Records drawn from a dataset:

══════════════════════════════

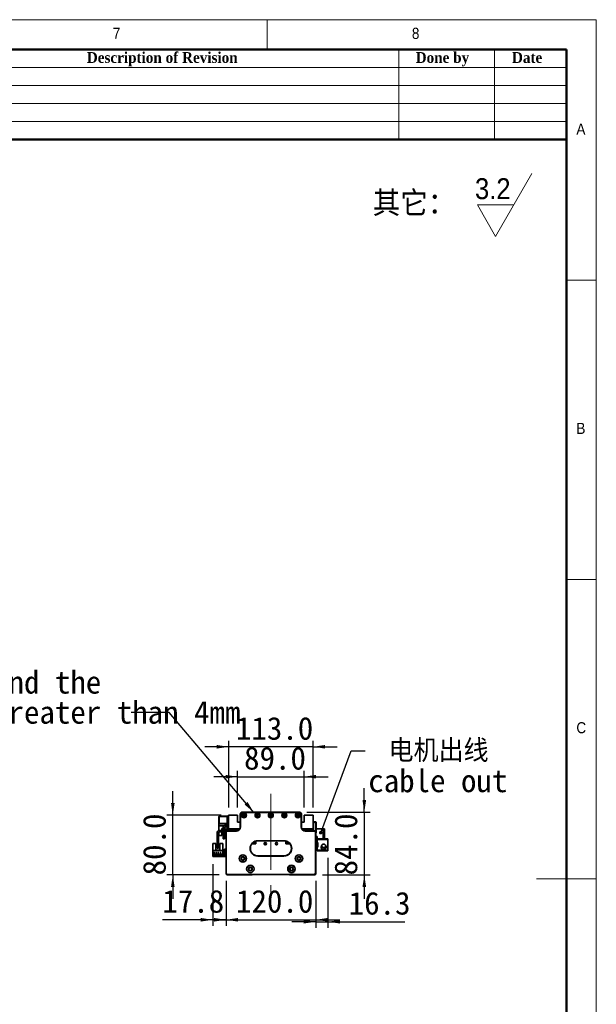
# Model space of a CAD drawing. Header units: millimetres. Extents: x 40 to 3320, y 40 to 2336.
# Tile 10 of 10: x 2549 to 3320, y 1020 to 2336. Entities that reach past the tile are written whole.
import ezdxf

# ---------------------------------------------------------------- set-up
doc = ezdxf.new("R2010")
doc.units = ezdxf.units.MM
doc.header["$LTSCALE"] = 8
doc.linetypes.add('CENTERX2', pattern=[20.32, 12.7, -2.54, 2.54, -2.54])
doc.layers.add('黑色实线', color=7, linetype='Continuous')
doc.styles.add('SLDTEXTSTYLE0', font='Gothic.ttf', dxfattribs={"width": 0.913, "bigfont": 'bigfont'})
doc.styles.add('SLDTEXTSTYLE1', font='Gothic.ttf', dxfattribs={"width": 0.913})
doc.styles.add('SLDTEXTSTYLE2', font='timesbd.ttf', dxfattribs={"width": 0.933})
doc.styles.add('SLDTEXTSTYLE8', font='txt')
doc.styles.add('SLDTEXTSTYLE9', font='txt', dxfattribs={"bigfont": 'bigfont'})
doc.dimstyles.new('SLDDIMSTYLE0', dxfattribs={"dimtxt": 30.4, "dimasz": 16, "dimexe": 0, "dimexo": 0.0625, "dimgap": 7.6, "dimtad": 2, "dimdec": 1, "dimrnd": 1e-09, "dimzin": 4, "dimdsep": 46, "dimtxsty": 'SLDTEXTSTYLE8', "dimsah": 1, "dimcen": 0.09, "dimadec": 0, "dimazin": 1, "dimtfac": 1, "dimtdec": 1, "dimtmove": 0, "dimatfit": 0, "dimfxl": 0, "dimfrac": 2, "dimtolj": 1, "dimtzin": 12, "dimarcsym": 0})
doc.dimstyles.new('SLDDIMSTYLE1', dxfattribs={"dimtxt": 30.4, "dimasz": 16, "dimexe": 0, "dimexo": 0.0625, "dimgap": 7.6, "dimtad": 2, "dimdec": 1, "dimrnd": 1e-09, "dimzin": 12, "dimdsep": 46, "dimtxsty": 'SLDTEXTSTYLE8', "dimsah": 1, "dimcen": 0.09, "dimadec": 0, "dimazin": 3, "dimtfac": 1, "dimtdec": 1, "dimtmove": 0, "dimatfit": 0, "dimfxl": 0, "dimfrac": 2, "dimtolj": 1, "dimtzin": 12, "dimarcsym": 0})
doc.dimstyles.new('SLDDIMSTYLE2', dxfattribs={"dimtxt": 0.18, "dimasz": 4.8, "dimexe": 0, "dimexo": 0.0625, "dimgap": 0, "dimtad": 0, "dimtih": 1, "dimtoh": 1, "dimdec": 0, "dimrnd": 1e-09, "dimzin": 0, "dimdsep": 46, "dimtxsty": 'Standard', "dimblk1": 'DOT', "dimblk2": 'DOT', "dimsah": 1, "dimcen": 0.09, "dimadec": 0, "dimazin": 0, "dimtfac": 4.8, "dimtdec": 0, "dimtofl": 0, "dimtmove": 0, "dimatfit": 3, "dimldrblk": 'DOT', "dimfxl": 0, "dimfrac": 2, "dimtolj": 1, "dimtzin": 0, "dimarcsym": 0})
doc.dimstyles.new('SLDDIMSTYLE3', dxfattribs={"dimtxt": 0.18, "dimasz": 16, "dimexe": 0, "dimexo": 0.0625, "dimgap": 0, "dimtad": 0, "dimtih": 1, "dimtoh": 1, "dimdec": 0, "dimrnd": 1e-09, "dimzin": 0, "dimdsep": 46, "dimtxsty": 'Standard', "dimsah": 1, "dimcen": 0.09, "dimadec": 0, "dimazin": 0, "dimtfac": 16, "dimtdec": 0, "dimtofl": 0, "dimtmove": 0, "dimatfit": 3, "dimfxl": 0, "dimfrac": 2, "dimtolj": 1, "dimtzin": 0, "dimarcsym": 0})

# ---------------------------------------------------------------- blocks, each defined once
blk = doc.blocks.new('SW_SFSYMBOL_0')
at = {"color": 0, "linetype": 'Continuous', "lineweight": 18}
for p, q in [((27.5, -42), (76, 42)), ((27.5, -42), (3.2, 0)), ((51.7, 0), (3.2, 0))]:
    blk.add_line(p, q, dxfattribs=at)
at = {"color": 0, "linetype": 'Continuous', "lineweight": 18, "insert": (0, 35.8), "char_height": 28, "attachment_point": 1, "style": 'SLDTEXTSTYLE1'}
blk.add_mtext('3.2', dxfattribs=at)
blk = doc.blocks.new('_D')
at = {"layer": '黑色实线'}
for p, q in [((2824.8, 1185.3), (2824.8, 1125.1)), ((2944.8, 1185.3), (2944.8, 1125.1)), ((2824.8, 1133.1), (2792.8, 1133.1)), ((2824.8, 1133.1), (2944.8, 1133.1)), ((2944.8, 1133.1), (2976.8, 1133.1))]:
    blk.add_line(p, q, dxfattribs=at)
for points in [[(2824.8, 1133.1), (2808.8, 1135.5), (2808.8, 1130.7)], [(2944.8, 1133.1), (2960.8, 1130.7), (2960.8, 1135.5)]]:
    blk.add_solid(points, dxfattribs=at)
at = {"layer": '黑色实线', "insert": (2838.1, 1173), "char_height": 30.4, "attachment_point": 1, "style": 'SLDTEXTSTYLE8'}
blk.add_mtext('120.0', dxfattribs=at)
blk = doc.blocks.new('_D_1')
at = {"layer": '黑色实线'}
for p, q in [((2807, 1207.5), (2807, 1125.1)), ((2824.8, 1185.3), (2824.8, 1125.1)), ((2807, 1133.1), (2739.6, 1133.1)), ((2807, 1133.1), (2824.8, 1133.1)), ((2824.8, 1133.1), (2856.8, 1133.1))]:
    blk.add_line(p, q, dxfattribs=at)
for points in [[(2807, 1133.1), (2791, 1135.5), (2791, 1130.7)], [(2824.8, 1133.1), (2840.8, 1130.7), (2840.8, 1135.5)]]:
    blk.add_solid(points, dxfattribs=at)
at = {"layer": '黑色实线', "insert": (2739.6, 1173), "char_height": 30.4, "attachment_point": 1, "style": 'SLDTEXTSTYLE8'}
blk.add_mtext('17.8', dxfattribs=at)
blk = doc.blocks.new('_D_2')
at = {"layer": '黑色实线'}
for p, q in [((2961.1, 1216.1), (2961.1, 1122.5)), ((2944.8, 1185.3), (2944.8, 1122.5)), ((2944.8, 1130.5), (2912.8, 1130.5)), ((2944.8, 1130.5), (2961.1, 1130.5)), ((2961.1, 1130.5), (3063.7, 1130.5))]:
    blk.add_line(p, q, dxfattribs=at)
for points in [[(2944.8, 1130.5), (2928.8, 1132.9), (2928.8, 1128.1)], [(2961.1, 1130.5), (2977.1, 1128.1), (2977.1, 1132.9)]]:
    blk.add_solid(points, dxfattribs=at)
at = {"layer": '黑色实线', "insert": (2988.8, 1170.4), "char_height": 30.4, "attachment_point": 1, "style": 'SLDTEXTSTYLE8'}
blk.add_mtext('16.3', dxfattribs=at)
blk = doc.blocks.new('_D_3')
at = {"layer": '黑色实线'}
for p, q in [((3009.7, 1277), (3009.7, 1309)), ((2932.9, 1277), (3017.7, 1277)), ((3009.7, 1277), (3009.7, 1193)), ((2953.9, 1193), (3017.7, 1193)), ((3009.7, 1193), (3009.7, 1161))]:
    blk.add_line(p, q, dxfattribs=at)
for points in [[(3009.7, 1277), (3012.1, 1293), (3007.3, 1293)], [(3009.7, 1193), (3007.3, 1177), (3012.1, 1177)]]:
    blk.add_solid(points, dxfattribs=at)
at = {"layer": '黑色实线', "insert": (2969.8, 1192.4), "char_height": 30.4, "attachment_point": 1, "rotation": 90, "style": 'SLDTEXTSTYLE8'}
blk.add_mtext('84.0', dxfattribs=at)
blk = doc.blocks.new('_D_4')
at = {"layer": '黑色实线'}
for p, q in [((2753.6, 1273), (2753.6, 1305)), ((2818.1, 1273), (2745.6, 1273)), ((2753.6, 1193), (2753.6, 1273)), ((2815.6, 1193), (2745.6, 1193)), ((2753.6, 1193), (2753.6, 1161))]:
    blk.add_line(p, q, dxfattribs=at)
for points in [[(2753.6, 1273), (2756, 1289), (2751.2, 1289)], [(2753.6, 1193), (2751.2, 1177), (2756, 1177)]]:
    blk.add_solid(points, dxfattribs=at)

══════════════════════════════

_Your instructions:_ Counting only lines of the data above that hold "bigfont", report the total and nothing else.

_Result of this exercise:_ 2